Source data
::::::

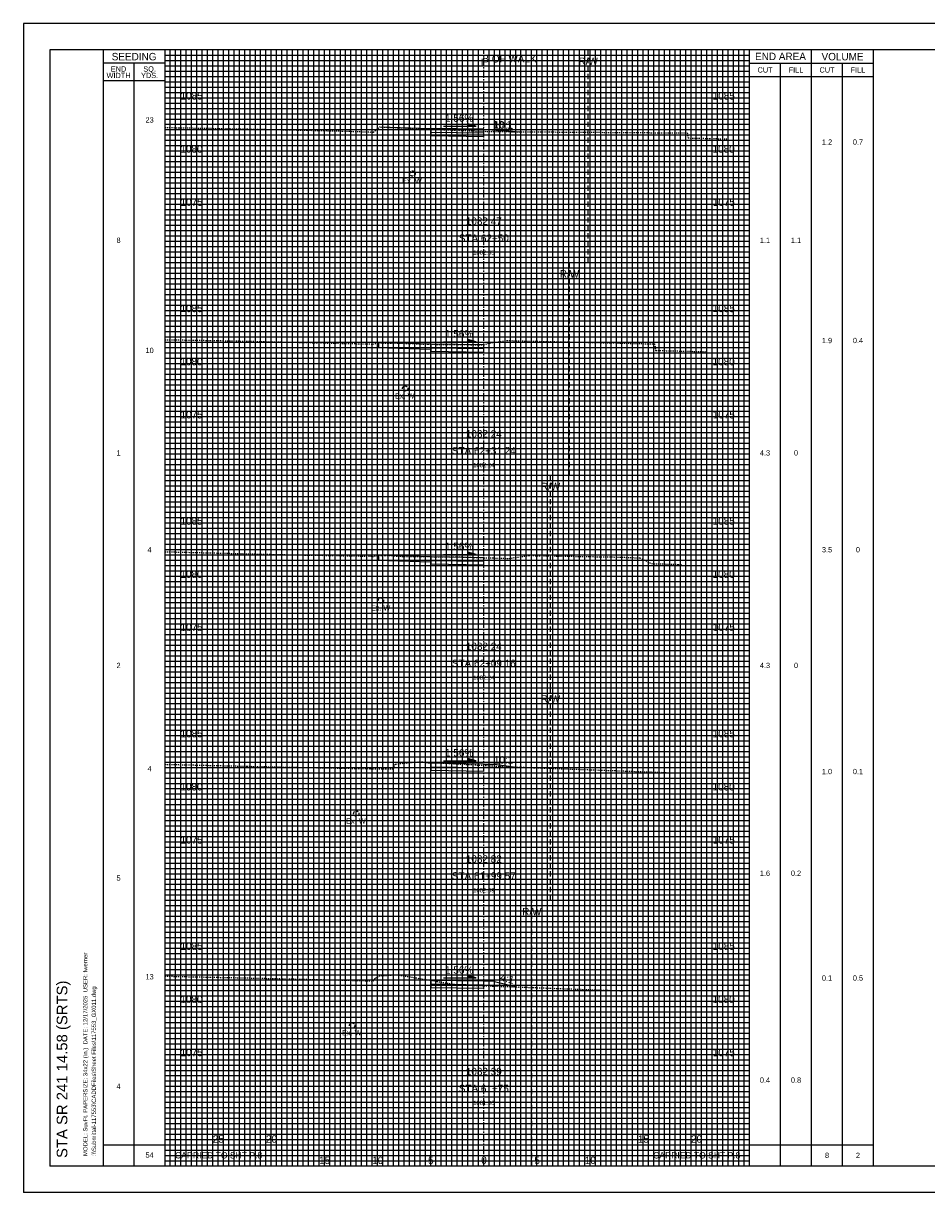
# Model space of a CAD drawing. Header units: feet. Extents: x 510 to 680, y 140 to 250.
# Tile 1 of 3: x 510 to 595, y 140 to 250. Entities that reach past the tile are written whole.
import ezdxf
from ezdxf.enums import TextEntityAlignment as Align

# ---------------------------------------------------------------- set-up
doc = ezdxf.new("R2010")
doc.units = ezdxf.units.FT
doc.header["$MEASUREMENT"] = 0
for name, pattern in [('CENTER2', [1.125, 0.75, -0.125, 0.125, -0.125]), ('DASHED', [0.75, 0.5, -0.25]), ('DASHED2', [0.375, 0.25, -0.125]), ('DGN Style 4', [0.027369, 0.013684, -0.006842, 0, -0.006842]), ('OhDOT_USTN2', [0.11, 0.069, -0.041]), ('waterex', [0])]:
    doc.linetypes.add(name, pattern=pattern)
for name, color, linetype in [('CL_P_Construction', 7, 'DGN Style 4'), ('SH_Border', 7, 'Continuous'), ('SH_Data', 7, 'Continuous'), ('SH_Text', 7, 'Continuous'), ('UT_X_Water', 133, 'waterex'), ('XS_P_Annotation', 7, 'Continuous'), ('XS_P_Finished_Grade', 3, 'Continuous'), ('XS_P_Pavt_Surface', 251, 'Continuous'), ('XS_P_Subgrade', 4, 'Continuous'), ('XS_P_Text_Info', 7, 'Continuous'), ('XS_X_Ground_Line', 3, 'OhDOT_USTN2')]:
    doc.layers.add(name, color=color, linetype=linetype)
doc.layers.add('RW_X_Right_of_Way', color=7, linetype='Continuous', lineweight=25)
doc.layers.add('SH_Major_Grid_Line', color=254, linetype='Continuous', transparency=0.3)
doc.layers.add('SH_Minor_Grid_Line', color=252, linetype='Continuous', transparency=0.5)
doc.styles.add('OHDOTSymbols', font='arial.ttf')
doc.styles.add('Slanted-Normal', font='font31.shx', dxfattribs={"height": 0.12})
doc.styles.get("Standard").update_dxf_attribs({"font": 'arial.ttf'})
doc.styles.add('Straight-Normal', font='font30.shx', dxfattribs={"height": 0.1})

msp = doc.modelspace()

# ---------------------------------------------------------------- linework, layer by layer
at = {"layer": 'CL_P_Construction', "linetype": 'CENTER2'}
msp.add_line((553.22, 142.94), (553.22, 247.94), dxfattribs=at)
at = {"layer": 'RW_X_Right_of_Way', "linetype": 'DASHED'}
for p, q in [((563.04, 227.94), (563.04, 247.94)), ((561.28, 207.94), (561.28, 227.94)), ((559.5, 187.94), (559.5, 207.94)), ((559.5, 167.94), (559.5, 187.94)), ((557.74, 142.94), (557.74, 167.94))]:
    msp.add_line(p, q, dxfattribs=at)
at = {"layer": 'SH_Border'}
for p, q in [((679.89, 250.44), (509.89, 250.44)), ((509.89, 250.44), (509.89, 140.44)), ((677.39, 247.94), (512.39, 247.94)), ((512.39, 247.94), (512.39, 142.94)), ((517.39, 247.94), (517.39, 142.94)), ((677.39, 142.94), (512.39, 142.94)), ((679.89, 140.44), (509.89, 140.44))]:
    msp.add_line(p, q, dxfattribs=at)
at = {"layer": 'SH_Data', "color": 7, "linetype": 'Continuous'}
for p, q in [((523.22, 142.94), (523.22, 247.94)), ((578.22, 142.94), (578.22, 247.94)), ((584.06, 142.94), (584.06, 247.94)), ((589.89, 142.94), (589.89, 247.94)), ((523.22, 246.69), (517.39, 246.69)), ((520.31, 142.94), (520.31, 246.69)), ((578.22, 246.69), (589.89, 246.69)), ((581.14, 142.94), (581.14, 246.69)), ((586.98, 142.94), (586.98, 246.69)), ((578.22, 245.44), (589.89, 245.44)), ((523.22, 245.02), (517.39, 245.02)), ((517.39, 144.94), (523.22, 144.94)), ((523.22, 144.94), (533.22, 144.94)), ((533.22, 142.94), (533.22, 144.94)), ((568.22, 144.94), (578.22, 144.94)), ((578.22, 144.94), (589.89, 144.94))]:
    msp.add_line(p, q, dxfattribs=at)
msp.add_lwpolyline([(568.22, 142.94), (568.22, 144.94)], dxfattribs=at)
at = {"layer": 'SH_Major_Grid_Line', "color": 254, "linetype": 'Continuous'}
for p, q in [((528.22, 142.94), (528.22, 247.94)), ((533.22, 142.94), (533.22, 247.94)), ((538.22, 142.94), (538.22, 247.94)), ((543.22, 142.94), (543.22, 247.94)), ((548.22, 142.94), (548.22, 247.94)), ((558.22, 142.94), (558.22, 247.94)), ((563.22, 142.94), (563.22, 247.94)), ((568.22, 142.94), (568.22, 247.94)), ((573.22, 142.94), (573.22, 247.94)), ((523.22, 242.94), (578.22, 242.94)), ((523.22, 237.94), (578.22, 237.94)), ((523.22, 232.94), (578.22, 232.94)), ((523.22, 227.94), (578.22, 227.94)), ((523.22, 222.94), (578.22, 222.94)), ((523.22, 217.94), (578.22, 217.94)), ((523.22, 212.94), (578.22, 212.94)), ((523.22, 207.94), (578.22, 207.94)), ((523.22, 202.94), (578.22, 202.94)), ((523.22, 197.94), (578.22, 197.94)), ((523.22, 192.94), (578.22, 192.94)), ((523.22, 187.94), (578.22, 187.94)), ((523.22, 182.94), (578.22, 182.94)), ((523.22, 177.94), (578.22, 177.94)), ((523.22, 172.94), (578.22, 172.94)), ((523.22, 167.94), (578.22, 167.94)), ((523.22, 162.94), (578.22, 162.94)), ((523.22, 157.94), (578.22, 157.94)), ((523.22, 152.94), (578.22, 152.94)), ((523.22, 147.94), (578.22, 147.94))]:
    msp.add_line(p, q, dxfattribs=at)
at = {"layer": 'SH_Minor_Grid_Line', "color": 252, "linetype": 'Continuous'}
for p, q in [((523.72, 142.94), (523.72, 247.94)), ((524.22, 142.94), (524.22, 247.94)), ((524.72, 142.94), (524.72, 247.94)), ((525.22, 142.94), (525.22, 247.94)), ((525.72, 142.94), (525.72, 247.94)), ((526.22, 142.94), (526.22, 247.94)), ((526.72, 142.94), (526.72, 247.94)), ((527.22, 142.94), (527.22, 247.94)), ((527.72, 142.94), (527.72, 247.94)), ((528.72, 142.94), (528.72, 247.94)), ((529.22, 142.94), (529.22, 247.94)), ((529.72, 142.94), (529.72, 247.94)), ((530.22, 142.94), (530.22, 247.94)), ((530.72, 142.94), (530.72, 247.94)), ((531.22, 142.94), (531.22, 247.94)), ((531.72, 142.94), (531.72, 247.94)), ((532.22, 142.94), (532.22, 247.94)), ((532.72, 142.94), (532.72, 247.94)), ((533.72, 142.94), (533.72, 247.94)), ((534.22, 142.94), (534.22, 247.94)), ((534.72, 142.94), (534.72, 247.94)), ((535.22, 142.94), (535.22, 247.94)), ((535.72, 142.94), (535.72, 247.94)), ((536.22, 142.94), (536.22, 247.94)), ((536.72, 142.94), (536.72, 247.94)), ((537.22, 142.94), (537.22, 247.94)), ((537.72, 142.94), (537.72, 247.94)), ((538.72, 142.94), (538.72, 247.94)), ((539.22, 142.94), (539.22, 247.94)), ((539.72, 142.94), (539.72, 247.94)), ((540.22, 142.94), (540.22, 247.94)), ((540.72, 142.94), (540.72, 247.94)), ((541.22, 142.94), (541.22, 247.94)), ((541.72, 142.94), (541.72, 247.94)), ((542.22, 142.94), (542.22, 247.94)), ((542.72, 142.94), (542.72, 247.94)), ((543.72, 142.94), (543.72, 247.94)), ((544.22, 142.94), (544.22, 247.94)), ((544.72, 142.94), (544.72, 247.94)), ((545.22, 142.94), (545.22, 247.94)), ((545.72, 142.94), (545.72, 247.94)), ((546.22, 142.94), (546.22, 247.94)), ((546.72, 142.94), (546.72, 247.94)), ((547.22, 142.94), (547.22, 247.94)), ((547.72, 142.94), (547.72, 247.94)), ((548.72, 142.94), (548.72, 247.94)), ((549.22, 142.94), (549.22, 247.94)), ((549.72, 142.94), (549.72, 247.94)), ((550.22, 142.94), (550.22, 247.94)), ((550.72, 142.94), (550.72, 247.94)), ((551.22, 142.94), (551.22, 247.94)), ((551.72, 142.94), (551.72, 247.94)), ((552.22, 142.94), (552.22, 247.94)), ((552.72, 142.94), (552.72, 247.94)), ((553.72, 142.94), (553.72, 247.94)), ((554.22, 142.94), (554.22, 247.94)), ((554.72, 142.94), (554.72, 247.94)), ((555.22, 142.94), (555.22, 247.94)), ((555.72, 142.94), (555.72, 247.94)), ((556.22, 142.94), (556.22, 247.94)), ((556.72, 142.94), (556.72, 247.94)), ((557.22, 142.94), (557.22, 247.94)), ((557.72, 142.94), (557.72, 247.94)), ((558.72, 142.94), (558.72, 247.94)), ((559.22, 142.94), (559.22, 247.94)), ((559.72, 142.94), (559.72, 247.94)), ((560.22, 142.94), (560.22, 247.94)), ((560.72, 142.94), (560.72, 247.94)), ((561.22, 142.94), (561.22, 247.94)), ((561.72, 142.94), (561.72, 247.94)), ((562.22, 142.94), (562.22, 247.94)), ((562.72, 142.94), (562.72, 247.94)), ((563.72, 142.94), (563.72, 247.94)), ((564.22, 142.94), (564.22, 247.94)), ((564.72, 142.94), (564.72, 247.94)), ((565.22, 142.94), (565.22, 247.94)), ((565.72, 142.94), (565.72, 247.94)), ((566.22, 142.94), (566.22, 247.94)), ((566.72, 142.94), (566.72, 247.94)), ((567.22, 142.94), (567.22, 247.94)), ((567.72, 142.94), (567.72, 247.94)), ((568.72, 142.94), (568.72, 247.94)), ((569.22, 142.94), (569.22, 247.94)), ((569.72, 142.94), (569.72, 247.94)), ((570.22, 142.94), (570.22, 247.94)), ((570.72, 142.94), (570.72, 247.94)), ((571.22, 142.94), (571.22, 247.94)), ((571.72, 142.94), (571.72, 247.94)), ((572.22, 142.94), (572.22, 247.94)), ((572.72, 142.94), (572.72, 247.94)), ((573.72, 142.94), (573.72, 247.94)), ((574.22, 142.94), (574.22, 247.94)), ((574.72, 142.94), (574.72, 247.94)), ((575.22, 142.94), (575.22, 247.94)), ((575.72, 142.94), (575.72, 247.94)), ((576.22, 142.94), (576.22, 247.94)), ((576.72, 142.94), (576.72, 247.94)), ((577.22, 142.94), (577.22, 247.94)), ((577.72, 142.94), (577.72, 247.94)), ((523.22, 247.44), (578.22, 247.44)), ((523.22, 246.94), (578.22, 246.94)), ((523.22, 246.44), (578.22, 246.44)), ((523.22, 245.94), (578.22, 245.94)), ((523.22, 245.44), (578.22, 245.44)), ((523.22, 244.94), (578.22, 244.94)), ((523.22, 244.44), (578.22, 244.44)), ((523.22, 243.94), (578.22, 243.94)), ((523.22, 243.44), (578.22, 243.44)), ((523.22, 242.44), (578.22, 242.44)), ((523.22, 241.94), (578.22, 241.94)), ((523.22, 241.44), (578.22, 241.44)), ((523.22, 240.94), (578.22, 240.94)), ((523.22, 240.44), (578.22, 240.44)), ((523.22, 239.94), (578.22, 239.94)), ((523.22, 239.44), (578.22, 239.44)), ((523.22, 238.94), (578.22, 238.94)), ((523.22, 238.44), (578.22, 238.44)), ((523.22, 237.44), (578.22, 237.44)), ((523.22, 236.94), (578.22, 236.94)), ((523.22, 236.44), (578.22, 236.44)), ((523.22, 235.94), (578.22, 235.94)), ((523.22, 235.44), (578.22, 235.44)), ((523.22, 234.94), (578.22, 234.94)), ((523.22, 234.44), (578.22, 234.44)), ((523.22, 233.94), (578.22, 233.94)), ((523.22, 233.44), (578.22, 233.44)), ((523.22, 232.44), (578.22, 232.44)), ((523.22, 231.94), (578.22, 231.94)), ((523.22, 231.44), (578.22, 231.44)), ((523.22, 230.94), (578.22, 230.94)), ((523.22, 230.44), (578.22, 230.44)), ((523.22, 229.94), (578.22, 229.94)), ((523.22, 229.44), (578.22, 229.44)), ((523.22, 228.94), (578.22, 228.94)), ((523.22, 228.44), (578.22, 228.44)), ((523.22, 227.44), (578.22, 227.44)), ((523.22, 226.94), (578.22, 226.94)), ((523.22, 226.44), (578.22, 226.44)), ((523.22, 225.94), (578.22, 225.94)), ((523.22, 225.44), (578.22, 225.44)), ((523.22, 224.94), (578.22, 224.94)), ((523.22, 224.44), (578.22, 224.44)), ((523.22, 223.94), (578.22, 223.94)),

::::::

Only the lines that contain the string "font" are to be copied from the records.

# ANSWER SECTION:
doc.styles.add('OHDOTSymbols', font='arial.ttf')
doc.styles.add('Slanted-Normal', font='font31.shx', dxfattribs={"height": 0.12})
doc.styles.get("Standard").update_dxf_attribs({"font": 'arial.ttf'})
doc.styles.add('Straight-Normal', font='font30.shx', dxfattribs={"height": 0.1})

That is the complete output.